ANALISIS STRATEGI ADAPTASI DIGITAL MELALUI PENDEKATAN KAPABILITAS DINAMIS PADA PT AMFS
Roy Kusrahmadi, Suyanto, S.E., M.B.A., Ph.D.
2025 | Tesis | S2 MANAJEMEN (MM) JAKARTA
Penelitian ini bertujuan menganalisis bagaimana PT AMFS merumuskan dan menjalankan strategi adaptasi digital dengan menggunakan pendekatan Kapabilitas Dinamis (sensing, seising, transforming), sehingga mampu meningkatkan penjualan sekaligus menjaga keberlanjutan bisnis di tengah disrupsi asuransi jiwa Indonesia. Secara metodologis, penelitian menggunakan pendekatan kualitatif dengan desain studi kasus tunggal yang bersifat induktif. Data primer diperoleh melalui wawancara semi-terstruktur dengan lima pejabat kunci dan satu nasabah, sedangkan data sekunder berasal dari dokumen internal perusahaan, laporan regulator, dan publikasi industri. Data dianalisis menggunakan kerangka Miles dan Huberman melalui reduksi data, penyajian data, dan penarikan kesimpulan, dengan alat analisis PESTEL, Porter's Five Forces, SWOT-TOWS, VRIO, Strategic Fit, Business Model Canvas, dan Kapabilitas Dinamis. Hasil penelitian menunjukkan bahwa PT AMFS telah mengembangkan strategi omnichannel bancassurance melalui sinergi dengan ekosistem Bank BM dan dukungan teknologi ASA, antara lain melalui digital sales tools, portal EMMA (portal nasabah), integrasi dengan Livin' by BM, data lake & analytics, serta inisiatif AI dan RPA. Kapabilitas sensing, seizing, dan transforming telah berjalan, namun kedalamannya belum merata lintas fungsi karena keterbatasan legacy system, kapabilitas SDM digital, dan resistensi perubahan. Faktor pendukung utama adalah kekuatan ekosistem BM-ASA, brand trust, dan data nasabah, sementara hambatan utama meliputi arsitektur lama, kompleksitas regulasi, literasi digital masyarakat, serta risiko keamanan data.

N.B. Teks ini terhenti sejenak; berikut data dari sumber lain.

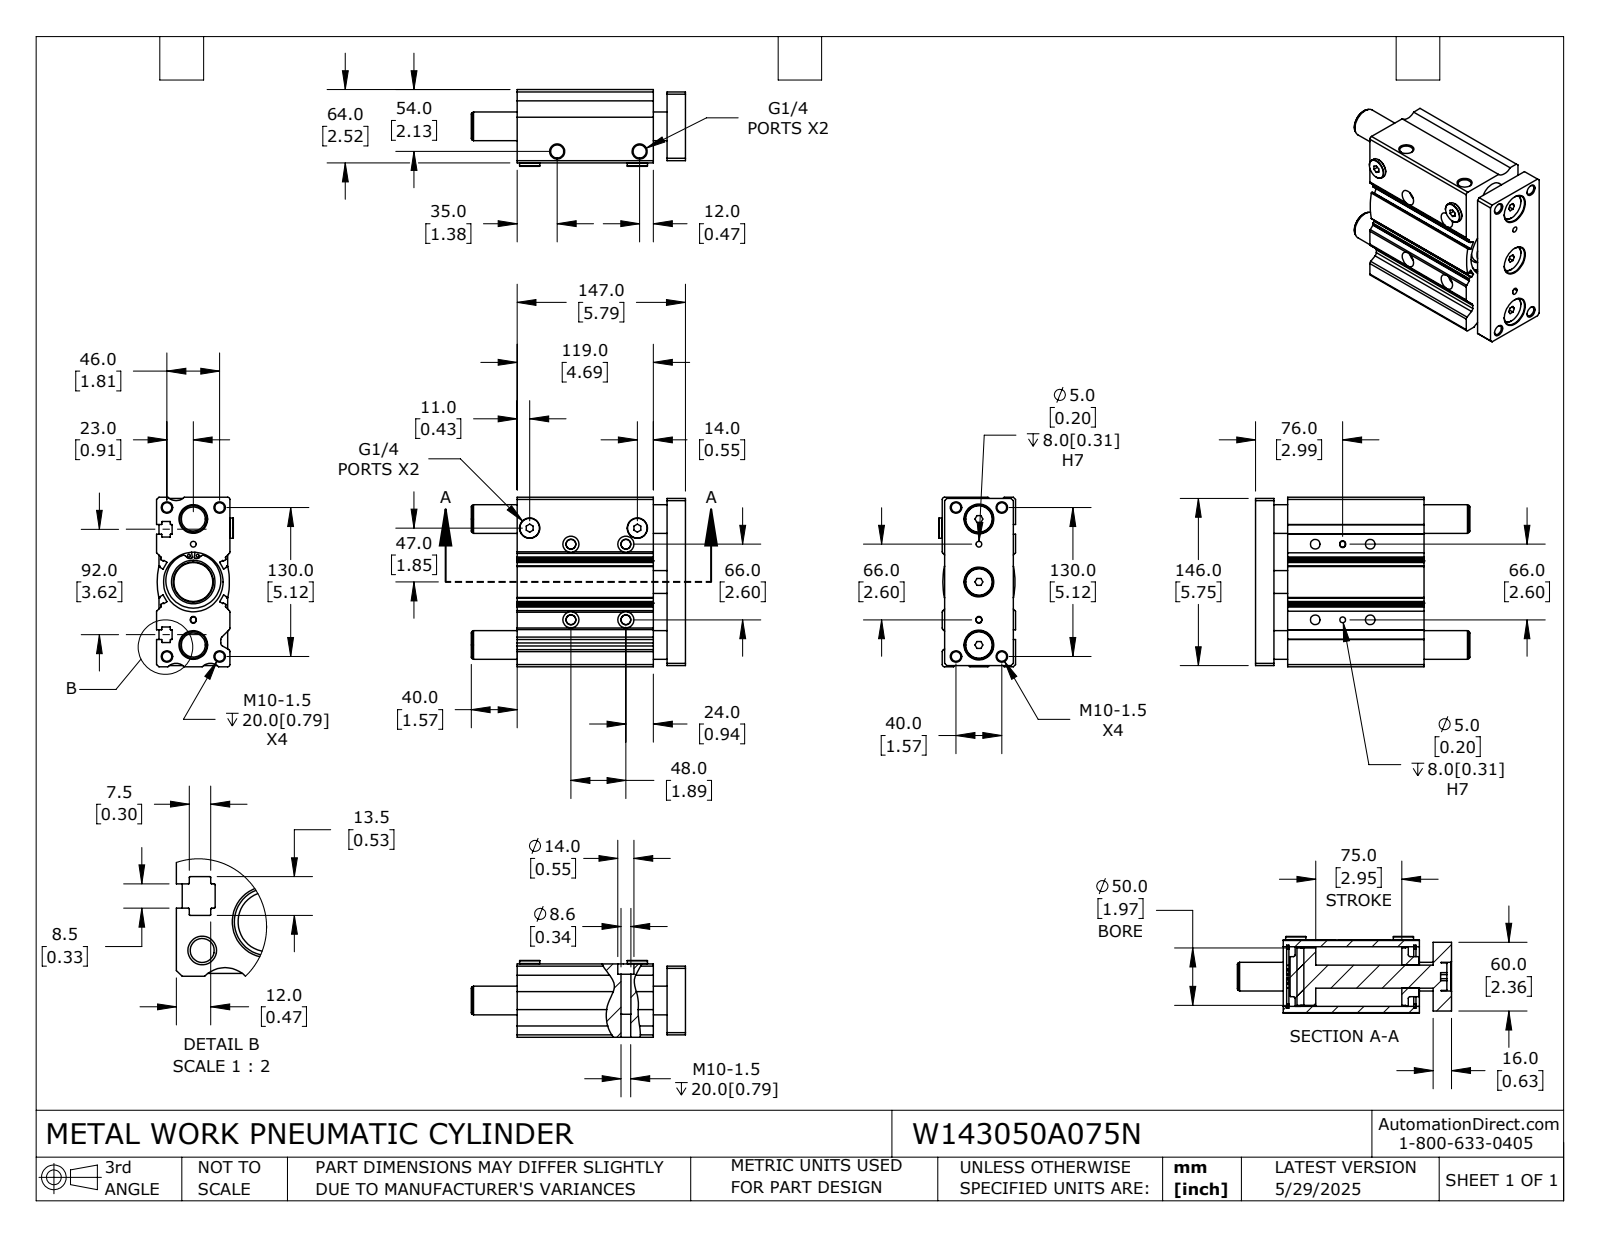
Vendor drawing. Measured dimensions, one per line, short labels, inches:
name: W143050A075N_BODY; W143050A075N_ROD; W143050A075N
written by: SolidWorks 2024 (CONFIG_CONTROL_DESIGN)
unit: in
bodies: 6 solids, 466 faces (186 planar, 224 cylindrical, 56 other)
size: 7.362 × 5.827 × 2.638
volume: 63.26 in³; area: 326.9 in²
holes: 12× ⌀0.33, 4× ⌀0.098, 4× ⌀0.197, 4× ⌀0.339, 4× ⌀0.551, 3× ⌀0.984, 2× ⌀0.451, 2× ⌀1.89, 1× ⌀0.787
bosses: 3× ⌀0.945, 2× ⌀0.697, 1× ⌀2.165, 1× ⌀2.047, 1× ⌀1.969, 1× ⌀1.378
rounds: 44× R0.012, 12× R0.02, 10× R0.118, 6× R0.079, 6× R2.677, 4× R0.039, 4× R0.098, 3× R0.394
face distances: 0.472, 2.52, 4.685, 0.63, 5.787, 5.157, 0.079, 1.102, 2.441, 0.236
hole spacings: 0.118, 0.424, 0.869, 0.88, 0.916, 0.945, 0.963, 0.987

This study aims to analyze how PT AMFS formulates and implements its digital adaptation strategy using Dynamic Capabilities approach (sensing, seizing, transforming), enabling the company to increase sales while maintaining business sustainability amid disruption in Indonesia's life insurance industry. Methodologically, the research employs a qualitative approach with a single case study design and an inductive logic. Primary data were collected through semi-structured interviews with five key managers and one customers, while secondary data were obtained from internal company documents, regulatory reports, and industry publications. Data were analyzed using Miles and Huberman's framework through data reduction, data display, dan conclusion drawing, supported by PESTEL, Porter's Five Forces, SWOT-TOWS, VRIO, Strategic Fit, Business Model Canvas, and Dynamic Capabilities analysis tools. The findings show that PT AMFS has developed an omnichannel bancassurance strategy through synergy with the Bank BM ecosystem and ASA's technology support, including digital sales tools, the EMMA portal (customer portal), integration with Livin' by BM, data lake and analytics, as well as AI and RPA initiatives. The sensing, seizing, and transforming capabilities are in place, but their depth is not yet consistent across functions due to legacy system constrains, limited digital human capital, and change resistance. Key enablers include the strength of the BM-ASA ecosystem, brand trust, and the customer database, while major barriers involve legacy architecture, regulatory complexity, low digital literacy, and data security risks.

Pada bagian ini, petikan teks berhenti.